**THE PROBLEM:**
Transcribe the lines below exactly. No image belongs in the transcription.

**DATASET EXTRACT:**

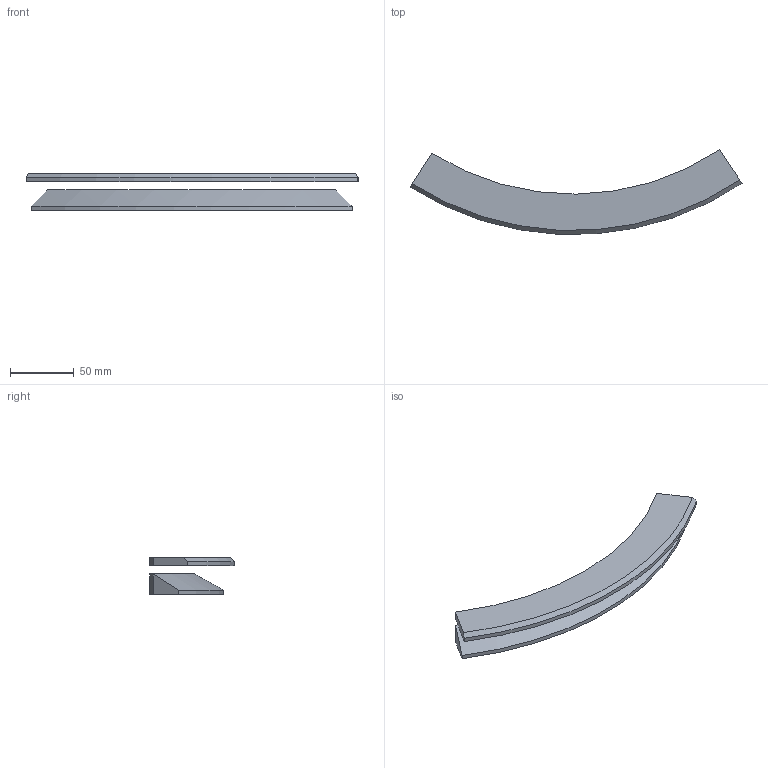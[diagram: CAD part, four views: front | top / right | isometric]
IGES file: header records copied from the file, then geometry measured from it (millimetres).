
Start section: 3D InterOp IGES (Version 21 0 3), Spatial Corp. Copyright (c) 1999-2007.
Global section: file name: CSR Large Data Port Assy 20140329.igs; native system: Spatial Corp.; preprocessor: 3D InterOp GENERIC/IGES 3.0; author: Noname; organization: Noname; date: 20140501.114237; units: inch
Bounding box: 260.24 x 66.25 x 28.57 mm (x, y, z)
Surface area: 37135.4 mm2 (no closed solid volume)
Topology: 0 solids, 0 shells, 13 faces, 54 edges, 54 vertices
Faces by surface type: extrusion 7, revolution 6
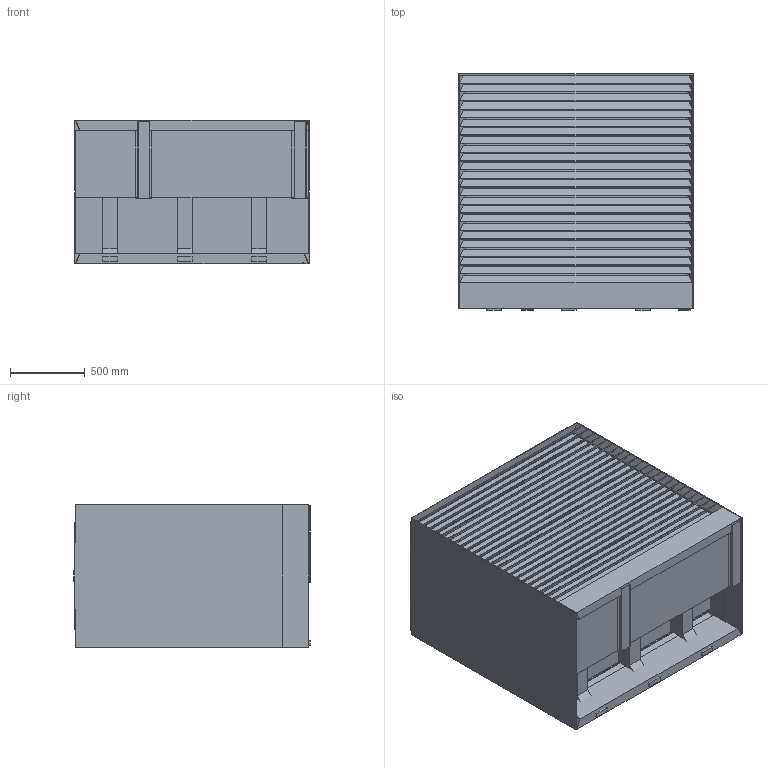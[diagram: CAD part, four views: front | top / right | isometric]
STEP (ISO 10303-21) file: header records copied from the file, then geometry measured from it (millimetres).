
FILE_DESCRIPTION (( 'STEP AP214' ), '1' );
FILE_NAME ('ADAPT MAX 10035_BIM.STEP', '2024-08-21T07:21:16', ( '' ), ( '' ), 'SwSTEP 2.0', 'SolidWorks 2021', '' );
FILE_SCHEMA (( 'AUTOMOTIVE_DESIGN' ));
Length unit declared in the file: millimetre
Products named in the file (1): ADAPT MAX 10035_BIM
Bounding box: 1575 x 1585 x 960 mm (x, y, z)
Volume: 1896674353.2 mm3; surface area: 34511472.8 mm2
Topology: 56 solids, 56 shells, 550 faces, 1314 edges, 876 vertices
Faces by surface type: plane 522, cylinder 28
Entity records: 20760 total; most frequent: CARTESIAN_POINT 2777, ORIENTED_EDGE 2628, DIRECTION 2448, EDGE_CURVE 1314, VECTOR 1258, LINE 1258, VERTEX_POINT 876, AXIS2_PLACEMENT_3D 595

**SOLUTION FOR THIS TASK:**
[diagram: CAD part, four views: front | top / right | isometric]
IGES file: header records copied from the file, then geometry measured from it (millimetres).
Start section: 3D InterOp IGES (Version 21 0 3), Spatial Corp. Copyright (c) 1999-2007.
Global section: file name: CSR Large Data Port Assy 20140329.igs; native system: Spatial Corp.; preprocessor: 3D InterOp GENERIC/IGES 3.0; author: Noname; organization: Noname; date: 20140501.114237; units: inch
Bounding box: 260.24 x 66.25 x 28.57 mm (x, y, z)
Surface area: 37135.4 mm2 (no closed solid volume)
Topology: 0 solids, 0 shells, 13 faces, 54 edges, 54 vertices
Faces by surface type: extrusion 7, revolution 6
[diagram: CAD part, four views: front | top / right | isometric]
STEP (ISO 10303-21) file: header records copied from the file, then geometry measured from it (millimetres).
FILE_DESCRIPTION (( 'STEP AP214' ), '1' );
FILE_NAME ('ADAPT MAX 10035_BIM.STEP', '2024-08-21T07:21:16', ( '' ), ( '' ), 'SwSTEP 2.0', 'SolidWorks 2021', '' );
FILE_SCHEMA (( 'AUTOMOTIVE_DESIGN' ));
Length unit declared in the file: millimetre
Products named in the file (1): ADAPT MAX 10035_BIM
Bounding box: 1575 x 1585 x 960 mm (x, y, z)
Volume: 1896674353.2 mm3; surface area: 34511472.8 mm2
Topology: 56 solids, 56 shells, 550 faces, 1314 edges, 876 vertices
Faces by surface type: plane 522, cylinder 28
Entity records: 20760 total; most frequent: CARTESIAN_POINT 2777, ORIENTED_EDGE 2628, DIRECTION 2448, EDGE_CURVE 1314, VECTOR 1258, LINE 1258, VERTEX_POINT 876, AXIS2_PLACEMENT_3D 595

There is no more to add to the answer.